Johnson was born in Owensboro, Kentucky. After playing trombone with school orchestras and army bands, he switched to double bass, and started working with musicians such as Bill Barron and recording with Archie Shepp in the mid-1960s, before joining Art Blakey's band for a month-long residency at the Five Spot Café in December 1965, and then going on to The Lighthouse nightclub in Hermosa Beach, California, where they recorded the live album, Buttercorn Lady, at the beginning of 1966, with a line-up, comprising Blakey, Frank Mitchell, Chuck Mangione, Keith Jarrett, and Johnson.

He has also played and/or recorded with Bill Dixon, Sun Ra, and Burton Greene, Lonnie Liston Smith, Stanley Cowell, Bobby Hutcherson, Harold Land, Blue Mitchell, Walter Bishop Jr., Sonny Rollins, Sonny Stitt, Sarah Vaughan, Carmen McRae, Art Pepper, Kenny Burrell, Clark Terry, The Crusaders, Johnny Coles, and Frank Wess.

In the mid-1980s he moved to Europe, where he has worked with Johnny Griffin, Horace Parlan, Monty Alexander, Kenny Barron, Tom Harrell, Phil Woods, Cedar Walton, Alvin Queen, Jesse Davis, Freddie Redd and Clark Terry.

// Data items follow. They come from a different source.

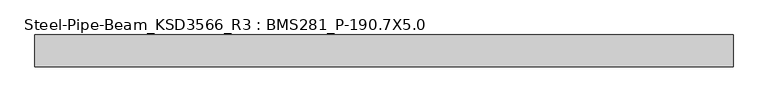
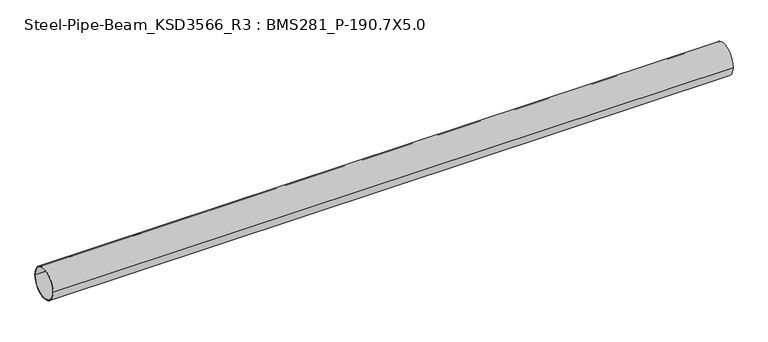
"""IFC4 building model written with IfcOpenShell, lengths in millimetres: member geometry, Steel-Pipe-Beam_KSD3566_R3 : BMS281_P-190.7X5.0."""

from ifc_helpers import new_model, si_unit, point, frame, origin, origin_2d, place, context, project, spatial, circle_curve, trimmed, segment, composite_curve, outline, extrude, source, transform, mapped, element, save


def steel_pipe_beam_ksd3566_r3_bms281_p_190_7x5_0_0cb403fb(model_context):
    return source(origin(), model_context, "Body", "SweptSolid", [
        extrude(outline(composite_curve([segment(trimmed(circle_curve(origin_2d(), 95.35), [point((-95.35, 0.0))], [point((95.35, 0.0))], False, "CARTESIAN"), True, "CONTINUOUS"), segment(trimmed(circle_curve(origin_2d(), 95.35), [point((95.35, 0.0))], [point((-95.35, 0.0))], False, "CARTESIAN"), True, "CONTINUOUS")], self_intersect=False), holes=[composite_curve([segment(trimmed(circle_curve(origin_2d(), 90.35), [point((90.35, 0.0))], [point((-90.35, 0.0))], True, "CARTESIAN"), True, "CONTINUOUS"), segment(trimmed(circle_curve(origin_2d(), 90.35), [point((-90.35, 0.0))], [point((90.35, 0.0))], True, "CARTESIAN"), True, "CONTINUOUS")], self_intersect=False)]), frame((-2093.8610652, 0.0, 0.0), z_axis=(1.0, 0.0, 0.0), x_axis=(0.0, 1.0, 0.0)), (0.0, 0.0, 1.0), 4153.366687),
    ])


if __name__ == "__main__":
    model = new_model("IFC4")
    model_context = context("Model", 3, world=origin())
    ifc_project = project(units=[si_unit("LENGTHUNIT", "METRE", prefix="MILLI")], contexts=[model_context])
    site = spatial("IfcSite", under=ifc_project)
    building = spatial("IfcBuilding", under=site)
    placement = place(None, origin())
    steel_pipe_beam_ksd3566_r3_bms281_p_190_7x5_0_shape = steel_pipe_beam_ksd3566_r3_bms281_p_190_7x5_0_0cb403fb(model_context)
    element("IfcMember", 1, ObjectType="Steel-Pipe-Beam_KSD3566_R3 : BMS281_P-190.7X5.0", at=placement, inside=building, context=model_context, shape_type="MappedRepresentation", body=[
        mapped(steel_pipe_beam_ksd3566_r3_bms281_p_190_7x5_0_shape, transform((0.0, 0.0, 0.0), x_axis=(1.0, 0.0, 0.0), y_axis=(0.0, 1.0, 0.0), z_axis=(0.0, 0.0, 1.0))),
    ])
    save(model, "model.ifc")

# Revit data of these elements
# Type "Steel-Pipe-Beam_KSD3566_R3 : BMS281_P-190.7X5.0"
#   Keynote = "P-190.7X5.0"
#   SteelWeight = "Light"
#   t = 0.0050 m
#   Surface Area = 0.599102 m²/m
#   Section Area = 29.1697 cm²
#   Mass per Unit Length = 22.8982 kg/m
#   Length [instance default] = 1.5000 m
#   D = 0.1907 m
#   hec_material4 [instance default] = none
#   hec_material3 [instance default] = none
#   hec_material2 [instance default] = none
#   hec_material1 [instance default] = none
#   Structural Material [instance default] = Steel, 45-345
#   Assembly Code = ""
# Element 1 (IfcMember, "Steel-Pipe-Beam_KSD3566_R3 : BMS281_P-190.7X5.0")
#   Structural Material = none
# Materials
#   "Steel, 45-345": class "Metal", colour RGB 189 187 185, transparency 0, Description = "Steel 345 MPa", Cost = 0

Reggie Johnson reportedly died in Bern, Switzerland on September 11, 2020.

==Discography==
- As leader/co-leader
- 1985: First Edition – JR Records
- As sideman
- 1965: Fire Music – Archie Shepp (Impulse! Records)
- 1965: "Hambone" on The New Wave in Jazz with Archie Shepp (Impulse! Records)
- 1966: Hold On, I'm Coming – Art Blakey (Limelight)
- 1966: Buttercorn Lady – Art Blakey & The New Jazz Messengers (Limelight)
- 1966: Marion Brown Quartet – Marion Brown
- 1966: More – Giuseppi Logan
- 1967: Juba-Lee – Marion Brown
- 1967: Booker 'n' Brass – Booker Ervin (Pacific Jazz)
- 1968: The Jazz Composer's Orchestra – Jazz Composer's Orchestra (ECM)
- 1968: Total Eclipse – Bobby Hutcherson (Blue Note)
- 1968: Bish Bash - Walter Bishop, Jr. (Xanadu)
- 1969: Orgasm – Alan Shorter (Verve)
- 1971: Coral Keys - Walter Bishop Jr. (Black Jazz)
- 1971: Spring Rain Rudolph Johnson (Black Jazz)
- 1971: Head On – Bobby Hutcherson (Blue Note)
- 1972: Black Vibrations – Sonny Stitt (Prestige)
- 1972: Choma (Burn) - Harold Land (Mainstream)
- 1972: Constant Throb – John Klemmer (Impulse!)
- 1972: 'Round Midnight – Kenny Burrell (Fantasy)
- 1973: Both Feet on the Ground – Kenny Burrell (Fantasy Records)
- 1977: Tin Tin Deo - Kenny Burrell (Concord)
- 1977: Mapenzi – Harold Land-Blue Mitchell Quintet (Concord)
- 1978: Handcrafted - Kenny Burrell (Muse)
- 1979: Spiral – Bobby Hutcherson (Blue Note)
- 1980: Medina – Bobby Hutcherson (Blue Note)
- 1980: Blue Manhattan – Al Haig (Interplay)
- 1981: Jaw's Blues – Eddie "Lockjaw" Davis (Enja)
- 1981: Pannonica – Horace Parlan (Enja)
- 1982: New Morning – Johnny Coles (Criss Cross Jazz)
- 1983: Two at the Top - Frank Wess and Johnny Coles (Uptown)
- 1988: Live at the Theatre Boulogne-Billancourt/Paris, Vol. 1 – Mingus Dynasty (Soul Note)
- 1988: Live at the Theatre Boulogne-Billancourt/Paris, Vol. 2 – Mingus Dynasty (Soul Note)
- 1990: Epitaph – Charles Mingus (posthumous) (Columbia Records)
- 2020: First Time Out: Live at Slugs 1967 – Rashied Ali Quintet (Survival Records)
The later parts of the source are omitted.